Comprising confrontations in _GR_
Terrance
Lycidas at worldnet.att.net
Sun Jul 2 22:28:48 CDT 2000
Dave Monroe wrote:
>
> A couple of notes on this: first,Edward Mendelson, in his essay,
> "Gravity's Encyclopedia" (in his Mindful Pleasures)--which was likely an
> early and strong influence on my own ruminations on Pynchon--sets forth
> not only his idea of a genre of "encyclopedic" works--The Divine Comedy,
> Gargantua and Pantagruel, Don Quixote, Faust, Moby-Dick, Ulysses,
> Gravity's Rainbow, for starters--but, further, claims such works serve
> their "encyclopedic" function for, at, a given time, place (albeit not
> necessarily in that order), generally, at the founding of a nation, or a
> particular order. Moby-Dick is already the (North) American
> encyclopedic fiction, Mendelson claims; Gravity's Rainbow instead serves
> this function for "a new international culture, created by the
> technologies of instant communication and the economy of world markets"
> ("encyclopedic narratives appear near the beginning of a culture's or a
> nation's sense of its own separate existence," sez Mendelson).
[snip]
Here is something you may or may not find helpful:
The "Modern Menippean Satire", and GR, may be read as such,
would combine and correct, Frye's 'Anatomy and Mendelson's.
See Eliot
Braha's "Menippean Form in GR and Other
Contemporary American Texts." Diss. Columbia Univ. 1979.
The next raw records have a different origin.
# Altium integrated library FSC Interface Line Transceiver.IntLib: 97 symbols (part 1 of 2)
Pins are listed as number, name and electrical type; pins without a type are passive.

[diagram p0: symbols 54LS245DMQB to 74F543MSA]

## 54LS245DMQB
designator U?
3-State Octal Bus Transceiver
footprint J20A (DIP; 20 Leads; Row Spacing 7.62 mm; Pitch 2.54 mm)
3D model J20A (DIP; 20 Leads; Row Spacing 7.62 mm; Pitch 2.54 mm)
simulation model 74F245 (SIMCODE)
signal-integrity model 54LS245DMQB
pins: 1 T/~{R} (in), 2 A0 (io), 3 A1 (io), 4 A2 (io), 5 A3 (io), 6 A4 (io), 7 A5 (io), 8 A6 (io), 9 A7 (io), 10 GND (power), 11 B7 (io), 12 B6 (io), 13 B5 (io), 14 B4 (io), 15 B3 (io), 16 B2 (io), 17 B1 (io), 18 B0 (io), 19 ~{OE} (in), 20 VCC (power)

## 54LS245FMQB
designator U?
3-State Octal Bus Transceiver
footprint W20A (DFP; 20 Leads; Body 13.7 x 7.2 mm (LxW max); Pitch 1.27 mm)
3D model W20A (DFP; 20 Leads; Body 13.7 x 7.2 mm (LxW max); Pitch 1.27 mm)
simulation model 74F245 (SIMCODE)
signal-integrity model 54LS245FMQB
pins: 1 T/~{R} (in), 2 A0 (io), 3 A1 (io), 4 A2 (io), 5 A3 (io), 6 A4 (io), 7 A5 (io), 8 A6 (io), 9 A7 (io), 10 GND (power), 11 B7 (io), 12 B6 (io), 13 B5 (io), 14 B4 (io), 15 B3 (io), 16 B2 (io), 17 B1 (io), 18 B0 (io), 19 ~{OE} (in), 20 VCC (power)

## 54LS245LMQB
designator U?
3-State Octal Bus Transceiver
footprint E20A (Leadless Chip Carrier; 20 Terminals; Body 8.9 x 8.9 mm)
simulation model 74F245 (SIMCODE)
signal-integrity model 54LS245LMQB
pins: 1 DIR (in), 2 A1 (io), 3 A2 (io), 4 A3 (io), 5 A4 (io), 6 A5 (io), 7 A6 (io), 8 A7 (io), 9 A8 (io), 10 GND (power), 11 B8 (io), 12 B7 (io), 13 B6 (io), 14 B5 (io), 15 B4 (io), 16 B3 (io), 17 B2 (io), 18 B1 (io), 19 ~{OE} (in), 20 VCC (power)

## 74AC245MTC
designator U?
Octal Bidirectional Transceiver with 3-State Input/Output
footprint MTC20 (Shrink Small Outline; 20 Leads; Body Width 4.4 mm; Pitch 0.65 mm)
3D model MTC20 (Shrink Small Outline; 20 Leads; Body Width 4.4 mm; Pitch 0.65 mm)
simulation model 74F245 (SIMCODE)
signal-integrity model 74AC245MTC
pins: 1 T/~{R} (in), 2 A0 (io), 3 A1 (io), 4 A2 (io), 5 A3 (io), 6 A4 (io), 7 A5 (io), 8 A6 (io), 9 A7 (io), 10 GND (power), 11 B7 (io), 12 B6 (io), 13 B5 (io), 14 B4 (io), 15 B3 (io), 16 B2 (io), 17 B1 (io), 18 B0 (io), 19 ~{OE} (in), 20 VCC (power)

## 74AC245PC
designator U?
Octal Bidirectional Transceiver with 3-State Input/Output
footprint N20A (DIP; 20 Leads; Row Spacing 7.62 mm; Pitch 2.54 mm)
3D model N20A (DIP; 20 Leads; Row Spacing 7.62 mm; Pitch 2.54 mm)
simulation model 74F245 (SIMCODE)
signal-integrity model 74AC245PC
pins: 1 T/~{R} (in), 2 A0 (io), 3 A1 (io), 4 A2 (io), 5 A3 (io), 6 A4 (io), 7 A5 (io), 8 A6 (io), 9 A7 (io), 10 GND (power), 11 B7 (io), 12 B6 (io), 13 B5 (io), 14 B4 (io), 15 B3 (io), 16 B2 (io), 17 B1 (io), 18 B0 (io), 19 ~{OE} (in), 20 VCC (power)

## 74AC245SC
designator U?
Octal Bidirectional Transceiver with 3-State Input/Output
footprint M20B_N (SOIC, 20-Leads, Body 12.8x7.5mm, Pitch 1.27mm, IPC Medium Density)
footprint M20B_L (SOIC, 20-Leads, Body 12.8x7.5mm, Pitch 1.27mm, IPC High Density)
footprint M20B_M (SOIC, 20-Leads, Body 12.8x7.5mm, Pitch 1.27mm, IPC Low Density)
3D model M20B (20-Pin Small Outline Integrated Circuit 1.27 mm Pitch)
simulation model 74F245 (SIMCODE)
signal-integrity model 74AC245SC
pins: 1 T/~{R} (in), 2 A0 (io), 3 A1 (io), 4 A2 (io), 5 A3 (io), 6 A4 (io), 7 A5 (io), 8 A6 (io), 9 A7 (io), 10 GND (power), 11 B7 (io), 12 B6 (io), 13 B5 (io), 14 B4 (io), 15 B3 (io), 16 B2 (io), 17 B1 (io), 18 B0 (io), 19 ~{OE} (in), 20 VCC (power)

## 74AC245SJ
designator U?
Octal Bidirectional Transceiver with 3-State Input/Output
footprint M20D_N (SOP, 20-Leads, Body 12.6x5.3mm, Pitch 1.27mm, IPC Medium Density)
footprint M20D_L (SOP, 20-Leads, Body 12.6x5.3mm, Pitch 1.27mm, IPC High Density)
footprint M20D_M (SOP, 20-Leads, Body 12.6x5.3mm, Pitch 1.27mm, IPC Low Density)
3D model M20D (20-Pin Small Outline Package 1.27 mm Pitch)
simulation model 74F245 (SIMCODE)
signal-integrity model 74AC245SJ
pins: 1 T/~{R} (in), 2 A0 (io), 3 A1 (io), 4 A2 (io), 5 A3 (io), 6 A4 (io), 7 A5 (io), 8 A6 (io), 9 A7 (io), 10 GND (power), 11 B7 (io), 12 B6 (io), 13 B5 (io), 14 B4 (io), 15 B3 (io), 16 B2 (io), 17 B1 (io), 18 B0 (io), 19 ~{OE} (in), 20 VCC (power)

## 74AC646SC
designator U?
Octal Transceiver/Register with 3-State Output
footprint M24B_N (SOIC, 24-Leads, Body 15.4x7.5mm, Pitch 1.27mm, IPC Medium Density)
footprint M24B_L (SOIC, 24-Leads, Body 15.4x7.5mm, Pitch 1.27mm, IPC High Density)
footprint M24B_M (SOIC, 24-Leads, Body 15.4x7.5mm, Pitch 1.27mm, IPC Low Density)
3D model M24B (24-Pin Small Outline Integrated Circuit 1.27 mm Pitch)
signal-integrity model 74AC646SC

Here are the Bakhtin elements Braha lists, all of which can
be identified in GR.
1) Carnival
2) quest-motif serves to test philosophical truths
3) the trilevelled construction of "earth," a "nether world"
and an "olympus"
4) dissolution or merging of identities, in particular, the
motif of the double.
5) extraordinary freedom of philosophical invention within
the plot
6) combination of free fantasy, symbolism and --on
occasion--the mystical religious element with the crude
naturalism of low life
7) the concern with ultimate philosophical positions
8) the experimental fantasticality in the handling of
perspective which can imperceptibly shift from ant's to
bird's view
9) eccentric or scandalous behaviour--spectacular
stomach-turning passages
10) utopian--or, to be more accurate, dystopian--elements of
the quest motif
11) the juxtaposition of items normally distant, often in
oxymoronic combinations
12) the parody of various genres and the mixture of prose
and verse diction
14) the variety of styles
15) topicality and publicistic quality--WWII novel that
illustrates ideological issues of the 1960s
see also, Kharpertian, Theodore D. A Hand to Turn the Time:
The Menippean Satires of
Thomas Pynchon. Rutherford: Fairleigh Dickinson U P, 1990.